I do use Lisp, I do think it is very convenient and natural in many ways, I do advocate that anyone seriously interested in AI learn Lisp well; all this is true, but I do not think that deep study of Lisp is the royal road to AI any more than I think that deep study of bricks is the royal road to understanding architecture. Indeed, I would suggest that the raw materials to be found in Lisp are to AI what raw materials are to architecture: convenient building blocks out of which far larger structures are made.
It would be ridiculous for anyone to hope to acquire a deep understanding of what Al is all about without first having a clear, precise understanding of what computers are all about. I know of no shorter cut to that latter goal than the study of Lisp, and that is one reason Lisp is so good for AI students. Beginners in Lisp encounter, and are in a good position to understand, fundamental issues in computer science that even some advanced programmers in other languages may not have encountered or thought about. Such concepts as lists, recursion, side effects, quoting and evaluating pieces of code, and many others that I did not have the space to present in my three columns, are truly central to the understanding of the potential of computing machinery. Moreover, without languages that allow people to deal with such concepts directly, it would be next to impossible to make programs of subtlety, grace, and multi-level complexity. Therefore I advocate Lisp very strongly.

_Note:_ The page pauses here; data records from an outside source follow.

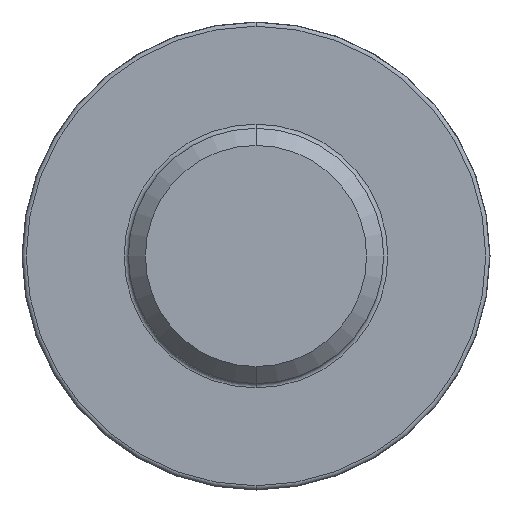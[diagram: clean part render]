
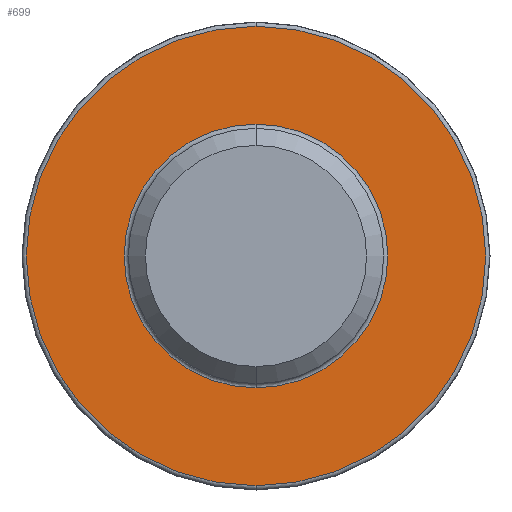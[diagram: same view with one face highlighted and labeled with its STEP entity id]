
A CAD part, front view. The second image highlights one B-rep face of the part: STEP entity #699.
In plain terms, the highlighted planar face has unit normal (0, -1, 0).
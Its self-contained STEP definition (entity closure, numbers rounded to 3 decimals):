
#8 = DIRECTION ( 'NONE',  ( 0., 0., 1. ) ) ;
#54 = VERTEX_POINT ( 'NONE', #762 ) ;
#61 = FACE_OUTER_BOUND ( 'NONE', #582, .T. ) ;
#62 = EDGE_CURVE ( 'NONE', #873, #741, #278, .T. ) ;
#82 = AXIS2_PLACEMENT_3D ( 'NONE', #833, #402, #211 ) ;
#87 = DIRECTION ( 'NONE',  ( 0., 1., 0. ) ) ;
#107 = CARTESIAN_POINT ( 'NONE',  ( 0., -1.6, 1.55 ) ) ;
#121 = CARTESIAN_POINT ( 'NONE',  ( 0., -1.6, 0. ) ) ;
#137 = DIRECTION ( 'NONE',  ( 0., 1., 0. ) ) ;
#159 = ORIENTED_EDGE ( 'NONE', *, *, #62, .T. ) ;
#180 = AXIS2_PLACEMENT_3D ( 'NONE', #546, #87, #8 ) ;
#205 = CARTESIAN_POINT ( 'NONE',  ( 0., -1.6, 0. ) ) ;
#211 = DIRECTION ( 'NONE',  ( 0., 0., 1. ) ) ;
#269 = CARTESIAN_POINT ( 'NONE',  ( 0., -1.6, 0. ) ) ;
#278 = CIRCLE ( 'NONE', #539, 2.7 ) ;
#383 = DIRECTION ( 'NONE',  ( 0., 0., 1. ) ) ;
#402 = DIRECTION ( 'NONE',  ( 0., -1., 0. ) ) ;
#405 = FACE_BOUND ( 'NONE', #859, .T. ) ;
#433 = VERTEX_POINT ( 'NONE', #107 ) ;
#439 = CARTESIAN_POINT ( 'NONE',  ( 0., -1.6, -2.7 ) ) ;
#455 = CIRCLE ( 'NONE', #746, 1.55 ) ;
#468 = CIRCLE ( 'NONE', #82, 2.7 ) ;
#482 = DIRECTION ( 'NONE',  ( 0., 1., 0. ) ) ;
#500 = ORIENTED_EDGE ( 'NONE', *, *, #786, .T. ) ;
#530 = EDGE_CURVE ( 'NONE', #741, #873, #468, .T. ) ;
#539 = AXIS2_PLACEMENT_3D ( 'NONE', #269, #571, #823 ) ;
#546 = CARTESIAN_POINT ( 'NONE',  ( 1.5, -1.6, 0. ) ) ;
#571 = DIRECTION ( 'NONE',  ( 0., -1., 0. ) ) ;
#582 = EDGE_LOOP ( 'NONE', ( #780, #159 ) ) ;
#591 = CIRCLE ( 'NONE', #742, 1.55 ) ;
#635 = PLANE ( 'NONE',  #180 ) ;
#693 = EDGE_CURVE ( 'NONE', #433, #54, #455, .T. ) ;
#694 = DIRECTION ( 'NONE',  ( 0., 0., 1. ) ) ;
#699 = ADVANCED_FACE ( 'NONE', ( #405, #61 ), #635, .F. ) ;
#741 = VERTEX_POINT ( 'NONE', #820 ) ;
#742 = AXIS2_PLACEMENT_3D ( 'NONE', #205, #482, #694 ) ;
#746 = AXIS2_PLACEMENT_3D ( 'NONE', #121, #137, #383 ) ;
#762 = CARTESIAN_POINT ( 'NONE',  ( 0., -1.6, -1.55 ) ) ;
#780 = ORIENTED_EDGE ( 'NONE', *, *, #530, .T. ) ;
#786 = EDGE_CURVE ( 'NONE', #54, #433, #591, .T. ) ;
#820 = CARTESIAN_POINT ( 'NONE',  ( 0., -1.6, 2.7 ) ) ;
#823 = DIRECTION ( 'NONE',  ( 0., 0., 1. ) ) ;
#833 = CARTESIAN_POINT ( 'NONE',  ( 0., -1.6, 0. ) ) ;
#859 = EDGE_LOOP ( 'NONE', ( #862, #500 ) ) ;
#862 = ORIENTED_EDGE ( 'NONE', *, *, #693, .T. ) ;
#873 = VERTEX_POINT ( 'NONE', #439 ) ;

It would similarly be next to impossible to build structures of subtlety, grace, and multi-level complexity such as the Golden Gate Bridge and the Empire State Building out of bricks or stone. Until the use of steel as an architectural substrate was established, such constructions were unthinkable. Now we are in a position to erect buildings that use steel in even more sophisticated ways. But steel itself is not the source of great architects' inspiration; it is simply a liberator. Being a super-expert on steel may be of some use to an architect, but I would guess that being quite knowledgeable will suffice. After all, buildings are not just scaled-up girders. And so it is with Lisp and Al. Lisp is not the "language of thought" or the `language of the brain"-not by any stretch of the imagination. Lisp is, however, a liberator. Being a super-expert on Lisp may be of some use to a person interested in computer models of mentality, but being quite knowledgeable will suffice. After all, minds are not just scaled-up Lisp functions.
Let me switch analogies. Is it possible for a novelist to conceive of plot ideas, characters, intrigues, emotions, and so on, without being channelled by her own or his own native language? Are the events that take place in, say, Anna Karenina specifically determined by the nature of the Russian language and the words that it furnished to Tolstoy? If that were the case, then of course the novel would be incomprehensible to people who do not know the Russian language. It would simply make no sense at all. But that is not even remotely the case. English-language readers have read that novel with great pleasure and have just as fully fathomed its psychological twists and turns as have Russian-language readers. The reason is that Tolstoy's mind was concerned with concepts that float far above the grain size of any human language. To think otherwise is to reduce Tolstoy to a mere syntactician, is to see Tolstoy as pushed around by low-level quirks and local flukes of his own language.